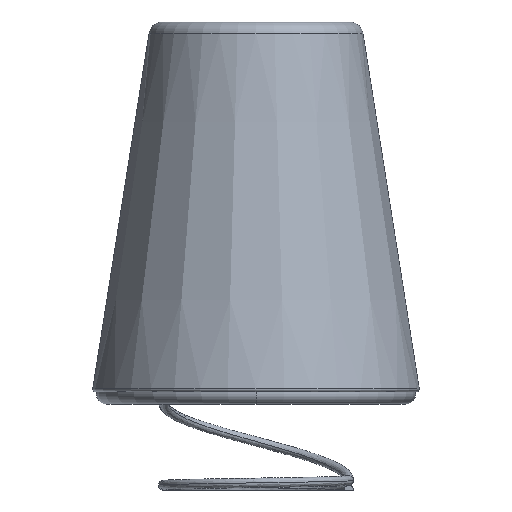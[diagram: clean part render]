
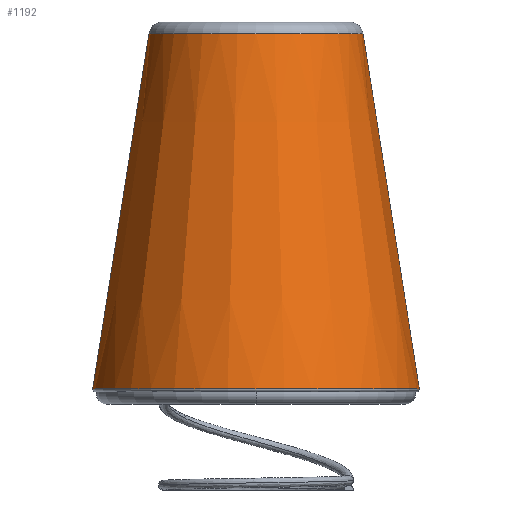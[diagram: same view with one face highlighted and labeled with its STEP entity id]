
A CAD part, left-side view. The second image highlights one B-rep face of the part: STEP entity #1192.
In plain terms, the highlighted conical face has half-angle 9 degrees and reference radius 9.902 mm.
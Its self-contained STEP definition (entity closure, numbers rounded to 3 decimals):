
#567=CARTESIAN_POINT('',(0.,0.,0.231));
#568=DIRECTION('',(0.,0.,-1.));
#569=DIRECTION('',(0.,-1.,0.));
#570=AXIS2_PLACEMENT_3D('',#567,#568,#569);
#575=DIRECTION('',(0.,0.156,-0.988));
#576=VECTOR('',#575,26.35);
#577=CARTESIAN_POINT('',(0.,7.841,
26.256));
#578=LINE('',#577,#576);
#582=CARTESIAN_POINT('',(0.,0.,26.256));
#583=DIRECTION('',(0.,0.,-1.));
#584=DIRECTION('',(0.,-1.,0.));
#585=AXIS2_PLACEMENT_3D('',#582,#583,#584);
#590=DIRECTION('',(0.,-0.156,-0.988));
#591=VECTOR('',#590,26.35);
#592=CARTESIAN_POINT('',(0.,-7.841,
26.256));
#593=LINE('',#592,#591);
#645=CARTESIAN_POINT('',(0.,11.963,0.231));
#646=CARTESIAN_POINT('',(0.,-11.963,0.231));
#647=VERTEX_POINT('',#645);
#648=VERTEX_POINT('',#646);
#649=CARTESIAN_POINT('',(0.,7.841,26.256));
#650=CARTESIAN_POINT('',(0.,-7.841,26.256));
#651=VERTEX_POINT('',#649);
#652=VERTEX_POINT('',#650);
#1180=CARTESIAN_POINT('',(0.,0.,13.244));
#1181=DIRECTION('',(0.,0.,-1.));
#1182=DIRECTION('',(0.,1.,0.));
#1183=AXIS2_PLACEMENT_3D('',#1180,#1181,#1182);
#1184=CONICAL_SURFACE('',#1183,9.902,9.);
#1185=ORIENTED_EDGE('',*,*,#1174,.T.);
#1186=ORIENTED_EDGE('',*,*,#776,.F.);
#1188=ORIENTED_EDGE('',*,*,#1187,.F.);
#1189=ORIENTED_EDGE('',*,*,#773,.T.);
#1190=EDGE_LOOP('',(#1185,#1186,#1188,#1189));
#1191=FACE_OUTER_BOUND('',#1190,.F.);
#571=CIRCLE('',#570,11.963);
#586=CIRCLE('',#585,7.841);
#773=EDGE_CURVE('',#652,#648,#593,.T.);
#776=EDGE_CURVE('',#651,#647,#578,.T.);
#1174=EDGE_CURVE('',#648,#647,#571,.T.);
#1187=EDGE_CURVE('',#652,#651,#586,.T.);
#1192=ADVANCED_FACE('',(#1191),#1184,.T.);
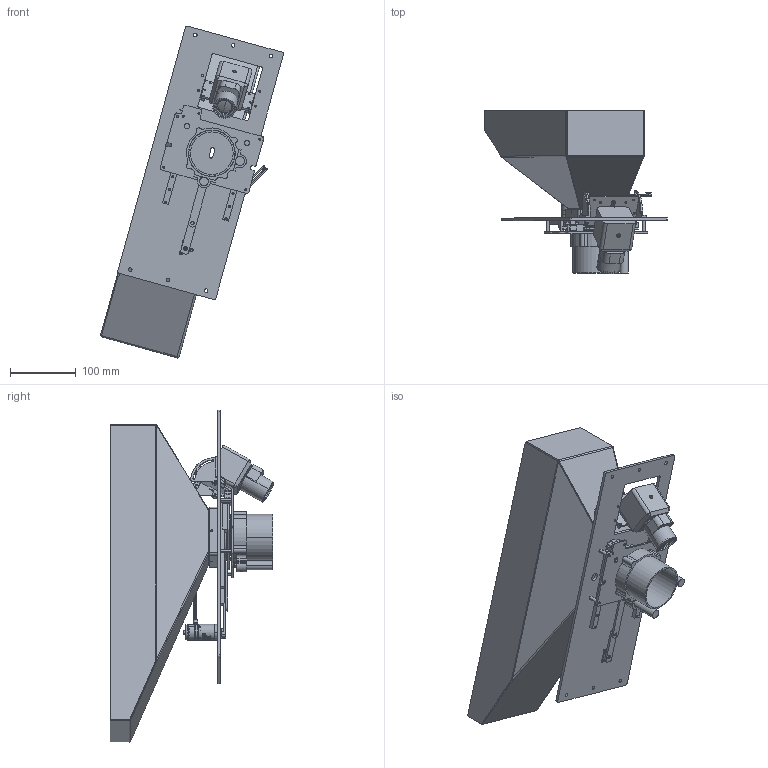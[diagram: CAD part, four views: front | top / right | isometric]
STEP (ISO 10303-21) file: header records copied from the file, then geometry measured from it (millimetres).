
FILE_DESCRIPTION((''),'2;1');
FILE_NAME('ASM-BJZDCZZ_ASM','2019-02-03T',('Terry.Xue'),(''),'CREO PARAMETRIC BY PTC INC, 2017480','CREO PARAMETRIC BY PTC INC, 2017480','');
FILE_SCHEMA(('CONFIG_CONTROL_DESIGN'));
Products named in the file (24): 1-LUODANKOUV3; XIANGJIGDB; 1-JIAODUTIAOJIEQI; 1-JIAODUTIAOJIE; 1-XIANGJIZHUANZHOULIANJIEJIAN; 1-XIANGJIGUDINGBAN; ___-_____; 1-ZHUANZHOUBAN; 1-2006DIANPIAN; ROBOMASTER_M2006_P36_; 1-KGGD; HK; 1-KGDZDB; 1-KGLG; 1-KGLG-2; 1-KGLZ15; 1-KGDB; 1-KGLDK; 1-DANGCANG-ASM; __-__6; 1-70-65GUAN; 1-JIGUANGDENGGUDINGGUAN; 1-NEW-JIGUANGDENG; ASM-BJZDCZZ_ASM
Assembly tree (32 placements, depth 2):
  ASM-BJZDCZZ_ASM
    1-LUODANKOUV3
    XIANGJIGDB
    1-JIAODUTIAOJIEQI
    1-JIAODUTIAOJIE
    1-XIANGJIZHUANZHOULIANJIEJIAN  x2
    1-XIANGJIGUDINGBAN
    ___-_____
    1-ZHUANZHOUBAN  x2
    1-2006DIANPIAN
    ROBOMASTER_M2006_P36_
    1-KGGD  x2
    HK  x2
    1-KGDZDB
    1-KGLG
    1-KGLG-2
    1-KGLZ15  x4
    1-KGDB
    1-KGLDK
    1-DANGCANG-ASM
    __-__6
    1-70-65GUAN
    1-JIGUANGDENGGUDINGGUAN  x2
    1-NEW-JIGUANGDENG  x2
Bounding box: 278.76 x 249.61 x 505.89 mm (x, y, z)
Volume: 825200.3 mm3; surface area: 612738.3 mm2
Topology: 32 solids, 40 shells, 3176 faces, 8676 edges, 5723 vertices
Faces by surface type: plane 1399, cylinder 811, bspline 731, extrusion 119, cone 108, torus 6, sphere 2
Entity records: 131239 total; most frequent: CARTESIAN_POINT 55885, ORIENTED_EDGE 16756, DIRECTION 13360, EDGE_CURVE 8378, VERTEX_POINT 5535, AXIS2_PLACEMENT_3D 4498, VECTOR 4364, LINE 4245
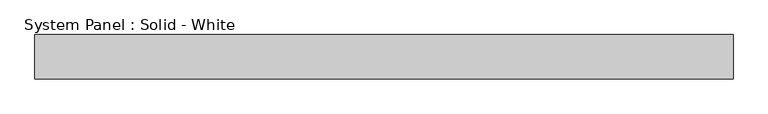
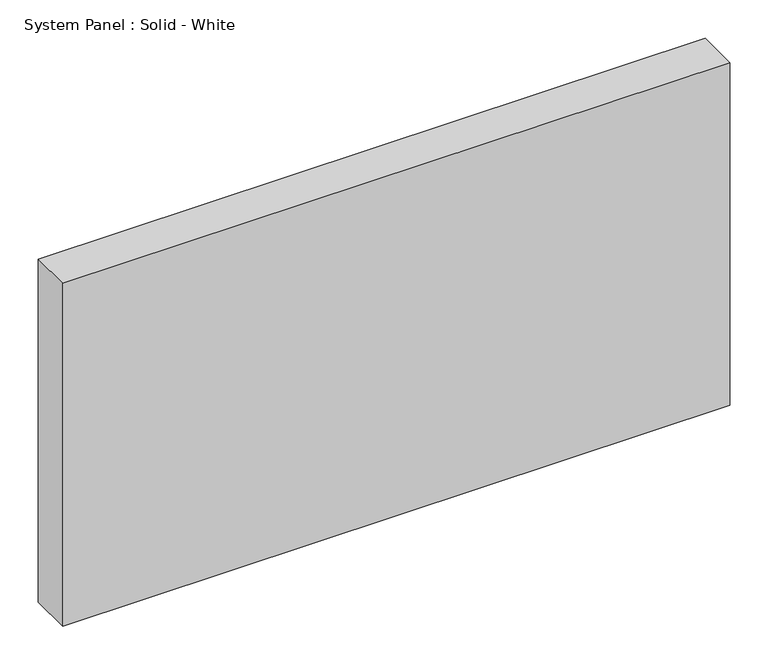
"""IFC4 building model written with IfcOpenShell, lengths in millimetres: plate geometry, System Panel : Solid - White."""

from ifc_helpers import new_model, si_unit, origin, origin_with_axes, place, context, project, spatial, polyline, outline, extrude, source, transform, mapped, element, save


def system_panel_solid_white_6c12217a(model_context):
    return source(origin(), model_context, "Body", "SweptSolid", [
        extrude(outline(polyline([(502.2628531, -19.05), (-502.2628531, -19.05), (-502.2628531, 44.45), (502.2628531, 44.45), (502.2628531, -19.05)])), origin_with_axes(), (0.0, 0.0, 1.0), 546.1),
    ])


if __name__ == "__main__":
    model = new_model("IFC4")
    model_context = context("Model", 3, world=origin())
    ifc_project = project(units=[si_unit("LENGTHUNIT", "METRE", prefix="MILLI")], contexts=[model_context])
    site = spatial("IfcSite", under=ifc_project)
    building = spatial("IfcBuilding", under=site)
    placement = place(None, origin())
    system_panel_solid_white_shape = system_panel_solid_white_6c12217a(model_context)
    element("IfcPlate", 1, ObjectType="System Panel : Solid - White", at=placement, inside=building, context=model_context, shape_type="MappedRepresentation", body=[
        mapped(system_panel_solid_white_shape, transform((0.0, 0.0, 0.0), x_axis=(1.0, 0.0, 0.0), y_axis=(0.0, 1.0, 0.0), z_axis=(0.0, 0.0, 1.0))),
    ])
    save(model, "model.ifc")

-------------------------

Activity >>
Exclude all images, then retype the records above without alteration.

Completed exercise >>
[diagram: clean part render]
[diagram: same view with one face highlighted and labeled with its STEP entity id]
A CAD part, left-side view. The second image highlights one B-rep face of the part: STEP entity #1192.
In plain terms, the highlighted conical face has half-angle 9 degrees and reference radius 9.902 mm.
Its self-contained STEP definition (entity closure, numbers rounded to 3 decimals):
#567=CARTESIAN_POINT('',(0.,0.,0.231));
#568=DIRECTION('',(0.,0.,-1.));
#569=DIRECTION('',(0.,-1.,0.));
#570=AXIS2_PLACEMENT_3D('',#567,#568,#569);
#575=DIRECTION('',(0.,0.156,-0.988));
#576=VECTOR('',#575,26.35);
#577=CARTESIAN_POINT('',(0.,7.841,
26.256));
#578=LINE('',#577,#576);
#582=CARTESIAN_POINT('',(0.,0.,26.256));
#583=DIRECTION('',(0.,0.,-1.));
#584=DIRECTION('',(0.,-1.,0.));
#585=AXIS2_PLACEMENT_3D('',#582,#583,#584);
#590=DIRECTION('',(0.,-0.156,-0.988));
#591=VECTOR('',#590,26.35);
#592=CARTESIAN_POINT('',(0.,-7.841,
26.256));
#593=LINE('',#592,#591);
#645=CARTESIAN_POINT('',(0.,11.963,0.231));
#646=CARTESIAN_POINT('',(0.,-11.963,0.231));
#647=VERTEX_POINT('',#645);
#648=VERTEX_POINT('',#646);
#649=CARTESIAN_POINT('',(0.,7.841,26.256));
#650=CARTESIAN_POINT('',(0.,-7.841,26.256));
#651=VERTEX_POINT('',#649);
#652=VERTEX_POINT('',#650);
#1180=CARTESIAN_POINT('',(0.,0.,13.244));
#1181=DIRECTION('',(0.,0.,-1.));
#1182=DIRECTION('',(0.,1.,0.));
#1183=AXIS2_PLACEMENT_3D('',#1180,#1181,#1182);
#1184=CONICAL_SURFACE('',#1183,9.902,9.);
#1185=ORIENTED_EDGE('',*,*,#1174,.T.);
#1186=ORIENTED_EDGE('',*,*,#776,.F.);
#1188=ORIENTED_EDGE('',*,*,#1187,.F.);
#1189=ORIENTED_EDGE('',*,*,#773,.T.);
#1190=EDGE_LOOP('',(#1185,#1186,#1188,#1189));
#1191=FACE_OUTER_BOUND('',#1190,.F.);
#571=CIRCLE('',#570,11.963);
#586=CIRCLE('',#585,7.841);
#773=EDGE_CURVE('',#652,#648,#593,.T.);
#776=EDGE_CURVE('',#651,#647,#578,.T.);
#1174=EDGE_CURVE('',#648,#647,#571,.T.);
#1187=EDGE_CURVE('',#652,#651,#586,.T.);
#1192=ADVANCED_FACE('',(#1191),#1184,.T.);
[diagram: CAD part, four views: front | top / right | isometric]
STEP (ISO 10303-21) file: header records copied from the file, then geometry measured from it (millimetres).
FILE_DESCRIPTION((''),'2;1');
FILE_NAME('ASM-BJZDCZZ_ASM','2019-02-03T',('Terry.Xue'),(''),'CREO PARAMETRIC BY PTC INC, 2017480','CREO PARAMETRIC BY PTC INC, 2017480','');
FILE_SCHEMA(('CONFIG_CONTROL_DESIGN'));
Products named in the file (24): 1-LUODANKOUV3; XIANGJIGDB; 1-JIAODUTIAOJIEQI; 1-JIAODUTIAOJIE; 1-XIANGJIZHUANZHOULIANJIEJIAN; 1-XIANGJIGUDINGBAN; ___-_____; 1-ZHUANZHOUBAN; 1-2006DIANPIAN; ROBOMASTER_M2006_P36_; 1-KGGD; HK; 1-KGDZDB; 1-KGLG; 1-KGLG-2; 1-KGLZ15; 1-KGDB; 1-KGLDK; 1-DANGCANG-ASM; __-__6; 1-70-65GUAN; 1-JIGUANGDENGGUDINGGUAN; 1-NEW-JIGUANGDENG; ASM-BJZDCZZ_ASM
Assembly tree (32 placements, depth 2):
  ASM-BJZDCZZ_ASM
    1-LUODANKOUV3
    XIANGJIGDB
    1-JIAODUTIAOJIEQI
    1-JIAODUTIAOJIE
    1-XIANGJIZHUANZHOULIANJIEJIAN  x2
    1-XIANGJIGUDINGBAN
    ___-_____
    1-ZHUANZHOUBAN  x2
    1-2006DIANPIAN
    ROBOMASTER_M2006_P36_
    1-KGGD  x2
    HK  x2
    1-KGDZDB
    1-KGLG
    1-KGLG-2
    1-KGLZ15  x4
    1-KGDB
    1-KGLDK
    1-DANGCANG-ASM
    __-__6
    1-70-65GUAN
    1-JIGUANGDENGGUDINGGUAN  x2
    1-NEW-JIGUANGDENG  x2
Bounding box: 278.76 x 249.61 x 505.89 mm (x, y, z)
Volume: 825200.3 mm3; surface area: 612738.3 mm2
Topology: 32 solids, 40 shells, 3176 faces, 8676 edges, 5723 vertices
Faces by surface type: plane 1399, cylinder 811, bspline 731, extrusion 119, cone 108, torus 6, sphere 2
Entity records: 131239 total; most frequent: CARTESIAN_POINT 55885, ORIENTED_EDGE 16756, DIRECTION 13360, EDGE_CURVE 8378, VERTEX_POINT 5535, AXIS2_PLACEMENT_3D 4498, VECTOR 4364, LINE 4245
"""IFC4 building model written with IfcOpenShell, lengths in millimetres: plate geometry, System Panel : Solid - White."""

from ifc_helpers import new_model, si_unit, origin, origin_with_axes, place, context, project, spatial, polyline, outline, extrude, source, transform, mapped, element, save


def system_panel_solid_white_6c12217a(model_context):
    return source(origin(), model_context, "Body", "SweptSolid", [
        extrude(outline(polyline([(502.2628531, -19.05), (-502.2628531, -19.05), (-502.2628531, 44.45), (502.2628531, 44.45), (502.2628531, -19.05)])), origin_with_axes(), (0.0, 0.0, 1.0), 546.1),
    ])


if __name__ == "__main__":
    model = new_model("IFC4")
    model_context = context("Model", 3, world=origin())
    ifc_project = project(units=[si_unit("LENGTHUNIT", "METRE", prefix="MILLI")], contexts=[model_context])
    site = spatial("IfcSite", under=ifc_project)
    building = spatial("IfcBuilding", under=site)
    placement = place(None, origin())
    system_panel_solid_white_shape = system_panel_solid_white_6c12217a(model_context)
    element("IfcPlate", 1, ObjectType="System Panel : Solid - White", at=placement, inside=building, context=model_context, shape_type="MappedRepresentation", body=[
        mapped(system_panel_solid_white_shape, transform((0.0, 0.0, 0.0), x_axis=(1.0, 0.0, 0.0), y_axis=(0.0, 1.0, 0.0), z_axis=(0.0, 0.0, 1.0))),
    ])
    save(model, "model.ifc")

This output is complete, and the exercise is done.